▶ [Assignment] Each line of the data below that carries the word "units" needs to be copied.

####

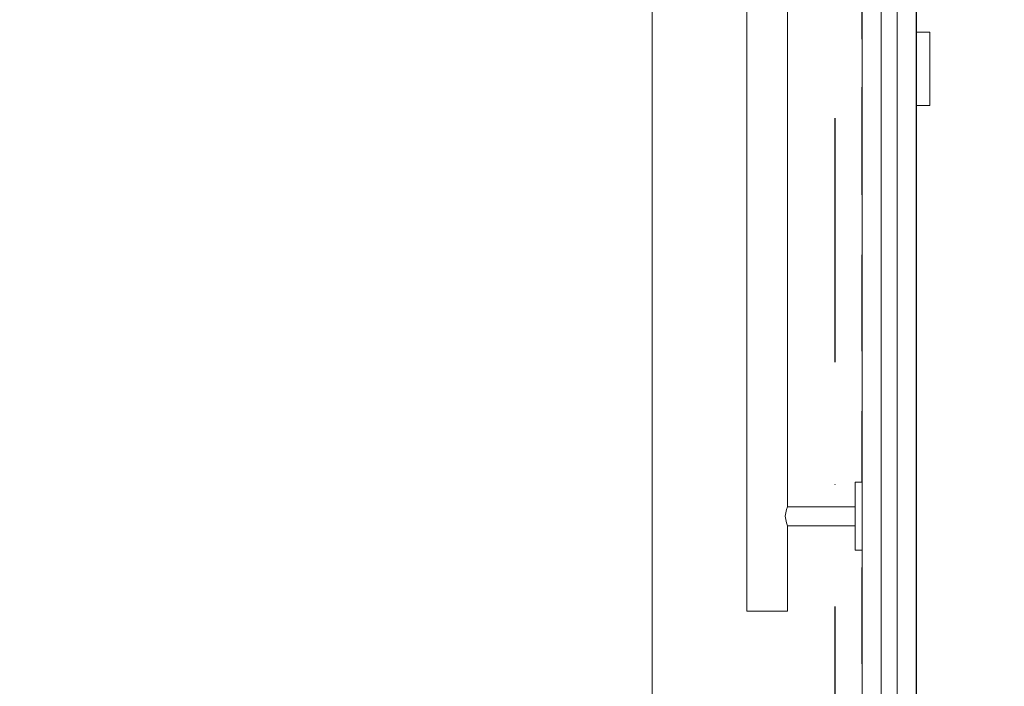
# Model space of a CAD drawing. Header units: millimetres. Extents: x 90539 to 127778, y -34922 to 14506.
# Tile 57 of 256: x 106841 to 107568, y 3335 to 3826. Entities that reach past the tile are written whole.
import ezdxf
from ezdxf.enums import TextEntityAlignment as Align

# ---------------------------------------------------------------- set-up
doc = ezdxf.new("R2010")
doc.units = ezdxf.units.MM
doc.header["$MEASUREMENT"] = 0
doc.linetypes.add('Kropki i Kreski', pattern=[360, 180, -90, 0, -90])
doc.linetypes.add('Wipeout_Contour', pattern=[1000, 0, -1000])
for name, color, linetype in [('Nowe_A-Osi', 7, 'Continuous'), ('Nowe_A-Wymiary-Wewnętrzne', 7, 'Continuous'), ('Nowe_A-Wymiary-Zewnętrzne', 7, 'Continuous'), ('Nowe_A-Ściany-Konstrukcyjne', 7, 'Continuous'), ('Nowe_A-Ściany-Wewnętrzne', 7, 'Continuous'), ('Nowe_Drzwi Archicad', 7, 'Continuous')]:
    doc.layers.add(name, color=color, linetype=linetype)
for name, color, linetype, lineweight, true_color in [('Nowe_A-Osi_Nr_pióra__25', 7, 'Continuous', 25, 0x40a5ff), ('Nowe_A-Wymiary-Wewnętrzne_Nr_pióra__45', 7, 'Continuous', 15, 0x40a5ff), ('Nowe_A-Wymiary-Wewnętrzne_Nr_pióra__85', 7, 'Continuous', 13, 0x80c2ff), ('Nowe_A-Wymiary-Zewnętrzne_Nr_pióra__45', 7, 'Continuous', 15, 0x40a5ff), ('Nowe_A-Wymiary-Zewnętrzne_Nr_pióra__85', 7, 'Continuous', 13, 0x80c2ff)]:
    doc.layers.add(name, color=color, linetype=linetype, lineweight=lineweight, true_color=true_color)
for name, color, linetype, lineweight in [('Nowe_A-Osi_Nr_pióra__6', 5, 'Continuous', 13), ('Nowe_A-Wymiary-Wewnętrzne_Nr_pióra__46', 5, 'Continuous', 15), ('Nowe_A-Wymiary-Zewnętrzne_Nr_pióra__46', 5, 'Continuous', 15), ('Nowe_Drzwi Archicad_Nr_pióra__3', 7, 'Continuous', 13), ('Nowe_Drzwi Archicad_Nr_pióra__43', 7, 'Continuous', 13), ('Nowe_Drzwi Archicad_Nr_pióra__87', 7, 'Continuous', 13)]:
    doc.layers.add(name, color=color, linetype=linetype, lineweight=lineweight)
doc.styles.add('STYL_AUTOMATYCZNY_1', font='arial.ttf')
doc.styles.add('STYL_AUTOMATYCZNY_2', font='arial.ttf')
doc.dimstyles.new('STYL_AUTOMATYCZNY__1', dxfattribs={"dimtxt": 125, "dimasz": 47.5, "dimexe": 0.18, "dimexo": 20, "dimgap": 0, "dimtad": 1, "dimdec": 1, "dimlfac": 0.1, "dimzin": 0, "dimdsep": 46, "dimtxsty": 'STYL_AUTOMATYCZNY_2', "dimblk": 'ARROWHEAD_11', "dimblk1": 'ARROWHEAD_11', "dimblk2": 'ARROWHEAD_11', "dimcen": 0.09, "dimclrd": 256, "dimclre": 256, "dimclrt": 5, "dimadec": 1, "dimazin": 0, "dimtfac": 1, "dimtdec": 4, "dimtmove": 0, "dimatfit": 3, "dimfxl": 0, "dimtolj": 1, "dimtzin": 0, "dimarcsym": 0})

# ---------------------------------------------------------------- blocks, each defined once
blk = doc.blocks.new('ElemPrzekroju_43')
at = {"color": 254, "linetype": 'Wipeout_Contour', "lineweight": 0, "ltscale": 2119545.895262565}
blk.add_wipeout([(105732.6, 3738.71), (105707.6, 3738.71), (105707.6, 3070), (105732.6, 3070), (105732.6, 3060), (105707.6, 3060), (105707.6, 2890), (105782.6, 2890), (105782.6, 2898.89), (105807.6, 2898.89), (105807.6, 4084.71), (105857.6, 4084.71), (105857.6, 2898.89), (105882.6, 2898.89), (105882.6, 2890), (107307.6, 2890), (107307.6, 4260), (105707.6, 4260), (105707.6, 3748.71), (105732.6, 3748.71)], dxfattribs=at).dxf.layer = 'Nowe_A-Ściany-Konstrukcyjne'
blk = doc.blocks.new('ElemPrzekroju_44')
at = {"color": 254, "linetype": 'Wipeout_Contour', "lineweight": 0, "ltscale": 860138.661592}
blk.add_wipeout([(107407.6, 3467), (107457.6, 3467), (107457.6, 3485), (107462.6, 3485), (107462.6, 4295), (107457.6, 4295), (107457.6, 4313), (107407.6, 4313)], dxfattribs=at).dxf.layer = 'Nowe_A-Ściany-Wewnętrzne'
at = {"color": 254, "linetype": 'Wipeout_Contour', "lineweight": 0, "ltscale": 1827415.701609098}
blk.add_wipeout([(107307.6, 2890), (107462.6, 2890), (107462.6, 3435), (107457.6, 3435), (107457.6, 3453), (107407.6, 3453), (107407.6, 3390), (107377.6, 3390), (107377.6, 4390), (107407.6, 4390), (107407.6, 4327), (107457.6, 4327), (107457.6, 4345), (107462.6, 4345), (107462.6, 4902), (107462.6, 4960), (107307.6, 4960)], dxfattribs=at).dxf.layer = 'Nowe_A-Ściany-Wewnętrzne'
blk = doc.blocks.new('ElemPrzekroju_45')
at = {"layer": 'Nowe_Drzwi Archicad_Nr_pióra__87', "color": 7, "linetype": 'Continuous', "lineweight": 13}
blk.add_line((107307.6, 2890), (107307.6, 4960), dxfattribs=at)
at = {"color": 254, "linetype": 'Wipeout_Contour', "lineweight": 0, "ltscale": 2044401.935388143}
blk.add_wipeout([(107502.6, 3763), (107502.6, 2890), (107577.6, 2890), (107577.6, 4890), (107502.6, 4890), (107502.6, 3917), (107512.6, 3917), (107512.6, 3900), (107557.6, 3900), (107564.67, 3897.07), (107567.6, 3890), (107564.67, 3882.93), (107557.6, 3880), (107512.6, 3880), (107512.6, 3863), (107502.6, 3863), (107502.6, 3817), (107512.6, 3817), (107512.6, 3763)], dxfattribs=at).dxf.layer = 'Nowe_Drzwi Archicad'
at = {"color": 254, "linetype": 'Wipeout_Contour', "lineweight": 0, "ltscale": 430062.00095}
blk.add_wipeout([(107462.6, 3442.32), (107462.6, 3460), (107457.6, 3460), (107457.6, 3442.32)], dxfattribs=at).dxf.layer = 'Nowe_Drzwi Archicad'
at = {"color": 254, "linetype": 'Wipeout_Contour', "lineweight": 0, "ltscale": 430319.913831}
blk.add_wipeout([(107512.5, 3803.5), (107512.6, 3803.5), (107512.6, 3813.38), (107512.5, 3813.38)], dxfattribs=at).dxf.layer = 'Nowe_Drzwi Archicad'
at = {"color": 254, "linetype": 'Wipeout_Contour', "lineweight": 0, "ltscale": 430313.770224}
blk.add_wipeout([(107512.5, 3766.62), (107512.5, 3763), (107512.6, 3763), (107512.6, 3766.62)], dxfattribs=at).dxf.layer = 'Nowe_Drzwi Archicad'
at = {"color": 254, "linetype": 'Wipeout_Contour', "lineweight": 0, "ltscale": 430064.276513}
blk.add_wipeout([(107462.6, 3460), (107462.6, 3477.68), (107457.6, 3477.68), (107457.6, 3460)], dxfattribs=at).dxf.layer = 'Nowe_Drzwi Archicad'
at = {"color": 254, "linetype": 'Wipeout_Contour', "lineweight": 0, "ltscale": 430060.397695}
blk.add_wipeout([(107457.6, 3442.32), (107457.6, 3435), (107462.6, 3435), (107462.6, 3442.32)], dxfattribs=at).dxf.layer = 'Nowe_Drzwi Archicad'
at = {"layer": 'Nowe_Drzwi Archicad_Nr_pióra__3', "color": 7, "linetype": 'Continuous', "lineweight": 13}
blk.add_line((107457.6, 3435), (107457.6, 3442.32), dxfattribs=at)
at = {"color": 254, "linetype": 'Wipeout_Contour', "lineweight": 0, "ltscale": 430318.261219}
blk.add_wipeout([(107512.5, 3790), (107512.6, 3790), (107512.6, 3803.5), (107512.5, 3803.5)], dxfattribs=at).dxf.layer = 'Nowe_Drzwi Archicad'
at = {"color": 254, "linetype": 'Wipeout_Contour', "lineweight": 0, "ltscale": 430314.716351}
blk.add_wipeout([(107512.5, 3766.62), (107512.6, 3766.62), (107512.6, 3776.5), (107512.5, 3776.5)], dxfattribs=at).dxf.layer = 'Nowe_Drzwi Archicad'
at = {"color": 254, "linetype": 'Wipeout_Contour', "lineweight": 0, "ltscale": 430065.89139}
blk.add_wipeout([(107462.6, 3485), (107457.6, 3485), (107457.6, 3477.68), (107462.6, 3477.68)], dxfattribs=at).dxf.layer = 'Nowe_Drzwi Archicad'
at = {"color": 254, "linetype": 'Wipeout_Contour', "lineweight": 0, "ltscale": 429953.10654}
blk.add_wipeout([(107406.76, 3464.95), (107457.6, 3464.95), (107457.6, 3467), (107407.6, 3467)], dxfattribs=at).dxf.layer = 'Nowe_Drzwi Archicad'
at = {"layer": 'Nowe_Drzwi Archicad_Nr_pióra__3', "color": 7, "linetype": 'Continuous', "lineweight": 13}
blk.add_line((107457.6, 3477.68), (107457.6, 3485), dxfattribs=at)
at = {"color": 254, "linetype": 'Wipeout_Contour', "lineweight": 0, "ltscale": 430300.12624}
blk.add_wipeout([(107502.7, 3803.5), (107512.5, 3803.5), (107512.5, 3813.38), (107502.7, 3813.38)], dxfattribs=at).dxf.layer = 'Nowe_Drzwi Archicad'
at = {"color": 254, "linetype": 'Wipeout_Contour', "lineweight": 0, "ltscale": 430316.358809}
blk.add_wipeout([(107512.5, 3776.5), (107512.6, 3776.5), (107512.6, 3790), (107512.5, 3790)], dxfattribs=at).dxf.layer = 'Nowe_Drzwi Archicad'
at = {"color": 254, "linetype": 'Wipeout_Contour', "lineweight": 0, "ltscale": 430293.98235}
blk.add_wipeout([(107502.7, 3766.62), (107502.7, 3763), (107512.5, 3763), (107512.5, 3766.62)], dxfattribs=at).dxf.layer = 'Nowe_Drzwi Archicad'
at = {"color": 254, "linetype": 'Wipeout_Contour', "lineweight": 0, "ltscale": 429950.922086}
blk.add_wipeout([(107406.76, 3464.95), (107405.86, 3460), (107457.6, 3460), (107457.6, 3464.95)], dxfattribs=at).dxf.layer = 'Nowe_Drzwi Archicad'
at = {"color": 254, "linetype": 'Wipeout_Contour', "lineweight": 0, "ltscale": 430320.870115}
blk.add_wipeout([(107512.6, 3817), (107512.5, 3817), (107512.5, 3813.38), (107512.6, 3813.38)], dxfattribs=at).dxf.layer = 'Nowe_Drzwi Archicad'
at = {"color": 254, "linetype": 'Wipeout_Contour', "lineweight": 0, "ltscale": 430298.473552}
blk.add_wipeout([(107502.7, 3790), (107512.5, 3790), (107512.5, 3803.5), (107502.7, 3803.5)], dxfattribs=at).dxf.layer = 'Nowe_Drzwi Archicad'
at = {"color": 254, "linetype": 'Wipeout_Contour', "lineweight": 0, "ltscale": 430294.92852}
blk.add_wipeout([(107502.7, 3766.62), (107512.5, 3766.62), (107512.5, 3776.5), (107502.7, 3776.5)], dxfattribs=at).dxf.layer = 'Nowe_Drzwi Archicad'
at = {"color": 254, "linetype": 'Wipeout_Contour', "lineweight": 0, "ltscale": 429950.284763}
blk.add_wipeout([(107405.86, 3460), (107406.76, 3455.05), (107457.6, 3455.05), (107457.6, 3460)], dxfattribs=at).dxf.layer = 'Nowe_Drzwi Archicad'
at = {"layer": 'Nowe_Drzwi Archicad_Nr_pióra__3', "color": 7, "linetype": 'Continuous', "lineweight": 13}
for p, q in [((107512.6, 3763), (107512.6, 3766.62)), ((107512.6, 3763), (107512.5, 3763)), ((107457.6, 3460), (107457.6, 3477.68))]:
    blk.add_line(p, q, dxfattribs=at)
at = {"color": 254, "linetype": 'Wipeout_Contour', "lineweight": 0, "ltscale": 430280.338656}
blk.add_wipeout([(107502.6, 3803.5), (107502.7, 3803.5), (107502.7, 3813.38), (107502.6, 3813.38)], dxfattribs=at).dxf.layer = 'Nowe_Drzwi Archicad'
at = {"color": 254, "linetype": 'Wipeout_Contour', "lineweight": 0, "ltscale": 430296.571054}
blk.add_wipeout([(107502.7, 3776.5), (107512.5, 3776.5), (107512.5, 3790), (107502.7, 3790)], dxfattribs=at).dxf.layer = 'Nowe_Drzwi Archicad'
at = {"color": 254, "linetype": 'Wipeout_Contour', "lineweight": 0, "ltscale": 430274.194483}
blk.add_wipeout([(107502.6, 3766.62), (107502.6, 3763), (107502.7, 3763), (107502.7, 3766.62)], dxfattribs=at).dxf.layer = 'Nowe_Drzwi Archicad'
at = {"color": 254, "linetype": 'Wipeout_Contour', "lineweight": 0, "ltscale": 429951.567909}
blk.add_wipeout([(107457.6, 3455.05), (107406.76, 3455.05), (107407.6, 3453), (107457.6, 3453)], dxfattribs=at).dxf.layer = 'Nowe_Drzwi Archicad'
at = {"layer": 'Nowe_Drzwi Archicad_Nr_pióra__3', "color": 7, "linetype": 'Continuous', "lineweight": 13}
for p, q in [((107512.6, 3790), (107512.6, 3803.5)), ((107512.6, 3776.5), (107512.6, 3790)), ((107512.6, 3766.62), (107512.6, 3776.5)), ((107457.6, 3442.32), (107457.6, 3460))]:
    blk.add_line(p, q, dxfattribs=at)
at = {"color": 254, "linetype": 'Wipeout_Contour', "lineweight": 0, "ltscale": 429877.945401}
blk.add_wipeout([(107403.2, 4390), (107392.6, 4390), (107392.6, 3390), (107403.2, 3390)], dxfattribs=at).dxf.layer = 'Nowe_Drzwi Archicad'
at = {"color": 254, "linetype": 'Wipeout_Contour', "lineweight": 0, "ltscale": 430301.082567}
blk.add_wipeout([(107512.5, 3817), (107502.7, 3817), (107502.7, 3813.38), (107512.5, 3813.38)], dxfattribs=at).dxf.layer = 'Nowe_Drzwi Archicad'
at = {"color": 254, "linetype": 'Wipeout_Contour', "lineweight": 0, "ltscale": 430278.685891}
blk.add_wipeout([(107502.6, 3790), (107502.7, 3790), (107502.7, 3803.5), (107502.6, 3803.5)], dxfattribs=at).dxf.layer = 'Nowe_Drzwi Archicad'
at = {"color": 254, "linetype": 'Wipeout_Contour', "lineweight": 0, "ltscale": 430275.140697}
blk.add_wipeout([(107502.6, 3766.62), (107502.7, 3766.62), (107502.7, 3776.5), (107502.6, 3776.5)], dxfattribs=at).dxf.layer = 'Nowe_Drzwi Archicad'
at = {"layer": 'Nowe_Drzwi Archicad_Nr_pióra__3', "color": 7, "linetype": 'Continuous', "lineweight": 13}
for p, q in [((107512.6, 3817), (107512.5, 3817)), ((107512.6, 3813.38), (107512.6, 3817)), ((107512.6, 3803.5), (107512.6, 3813.38))]:
    blk.add_line(p, q, dxfattribs=at)
at = {"color": 254, "linetype": 'Wipeout_Contour', "lineweight": 0, "ltscale": 429835.547257}
blk.add_wipeout([(107392.6, 4390), (107381.99, 4390), (107381.99, 3390), (107392.6, 3390)], dxfattribs=at).dxf.layer = 'Nowe_Drzwi Archicad'
at = {"color": 254, "linetype": 'Wipeout_Contour', "lineweight": 0, "ltscale": 1504686.420650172}
blk.add_wipeout([(107403.2, 3390), (107407.6, 3390), (107407.6, 3453), (107406.76, 3455.05), (107405.86, 3460), (107406.76, 3464.95), (107407.6, 3467), (107407.6, 4313), (107406.76, 4315.05), (107405.86, 4320), (107406.76, 4324.95), (107407.6, 4327), (107407.6, 4390), (107403.2, 4390)], dxfattribs=at).dxf.layer = 'Nowe_Drzwi Archicad'
at = {"color": 254, "linetype": 'Wipeout_Contour', "lineweight": 0, "ltscale": 430281.295027}
blk.add_wipeout([(107502.7, 3817), (107502.6, 3817), (107502.6, 3813.38), (107502.7, 3813.38)], dxfattribs=at).dxf.layer = 'Nowe_Drzwi Archicad'
at = {"color": 254, "linetype": 'Wipeout_Contour', "lineweight": 0, "ltscale": 430276.783306}
blk.add_wipeout([(107502.6, 3776.5), (107502.7, 3776.5), (107502.7, 3790), (107502.6, 3790)], dxfattribs=at).dxf.layer = 'Nowe_Drzwi Archicad'
at = {"layer": 'Nowe_Drzwi Archicad_Nr_pióra__3', "color": 7, "linetype": 'Continuous', "lineweight": 13}
for p, q in [((107407.6, 4313), (107407.6, 3467)), ((107406.76, 3464.95), (107405.86, 3460)), ((107405.86, 3460), (107406.76, 3455.05)), ((107407.6, 3467), (107406.76, 3464.95)), ((107407.6, 3467), (107457.6, 3467)), ((107406.76, 3455.05), (107407.6, 3453)), ((107407.6, 3453), (107407.6, 3390)), ((107407.6, 3453), (107457.6, 3453)), ((107403.2, 3390), (107392.6, 3390)), ((107407.6, 3390), (107403.2, 3390))]:
    blk.add_line(p, q, dxfattribs=at)
at = {"color": 254, "linetype": 'Wipeout_Contour', "lineweight": 0, "ltscale": 430229.002077}
blk.add_wipeout([(107462.6, 4832), (107462.6, 2960), (107502.6, 2960), (107502.6, 4832)], dxfattribs=at).dxf.layer = 'Nowe_Drzwi Archicad'
at = {"color": 254, "linetype": 'Wipeout_Contour', "lineweight": 0, "ltscale": 429805.567256}
blk.add_wipeout([(107377.6, 4390), (107377.6, 3390), (107381.99, 3390), (107381.99, 4390)], dxfattribs=at).dxf.layer = 'Nowe_Drzwi Archicad'
at = {"layer": 'Nowe_Drzwi Archicad_Nr_pióra__3', "color": 7, "linetype": 'Continuous', "lineweight": 13}
for p, q in [((107462.6, 4832), (107462.6, 2960)), ((107502.6, 4832), (107502.6, 2960)), ((107377.6, 4390), (107377.6, 3390)), ((107502.7, 3755.07), (107502.7, 3863)), ((107462.5, 3811.98), (107462.5, 3839.26)), ((107502.7, 3817), (107502.6, 3817)), ((107512.5, 3817), (107502.7, 3817)), ((107462.5, 3755.07), (107462.5, 3776.52)), ((107502.7, 3763), (107502.6, 3763)), ((107512.5, 3763), (107502.7, 3763)), ((107462.5, 3697.08), (107462.5, 3755.07)), ((107502.7, 2913.04), (107502.7, 3755.07)), ((107462.5, 3581.78), (107462.5, 3652.73)), ((107462.5, 3485), (107462.5, 3537.44)), ((107462.6, 3485), (107457.6, 3485)), ((107462.6, 3435), (107457.6, 3435)), ((107462.5, 3351.19), (107462.5, 3422.14)), ((107381.99, 3390), (107377.6, 3390)), ((107392.6, 3390), (107381.99, 3390))]:
    blk.add_line(p, q, dxfattribs=at)
at = {"layer": 'Nowe_Drzwi Archicad_Nr_pióra__43', "color": 7, "linetype": 'Continuous', "lineweight": 13}
for p, q in [((107476.6, 4832), (107476.6, 2960)), ((107488.6, 2960), (107488.6, 4832))]:
    blk.add_line(p, q, dxfattribs=at)
blk = doc.blocks.new('Standardowy znacznik osi[2]', base_point=(107442.6, 13756.05))
at = {"layer": 'Nowe_A-Osi_Nr_pióra__25', "color": 161, "linetype": 'Kropki i Kreski', "lineweight": 25, "true_color": 0x40a5ff}
blk.add_line((107442.6, 12756.05), (107442.6, -1000), dxfattribs=at)
at = {"layer": 'Nowe_A-Osi_Nr_pióra__6', "color": 5, "lineweight": 13, "style": 'STYL_AUTOMATYCZNY_1'}
for tag, p in [('AC_MarkerText_1_0', (107442.6, 14331.05)), ('AC_MarkerText_1_1', (107442.6, -2175))]:
    blk.add_attdef(tag, text='', height=400, rotation=360, dxfattribs=at).set_placement(p, align=Align.TOP_CENTER)
blk = doc.blocks.new('*D704')
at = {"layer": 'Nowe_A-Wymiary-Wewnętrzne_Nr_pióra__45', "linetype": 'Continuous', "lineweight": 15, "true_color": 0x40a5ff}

####

▶ [Your solution]
# Model space of a CAD drawing. Header units: millimetres. Extents: x 90539 to 127778, y -34922 to 14506.
doc.units = ezdxf.units.MM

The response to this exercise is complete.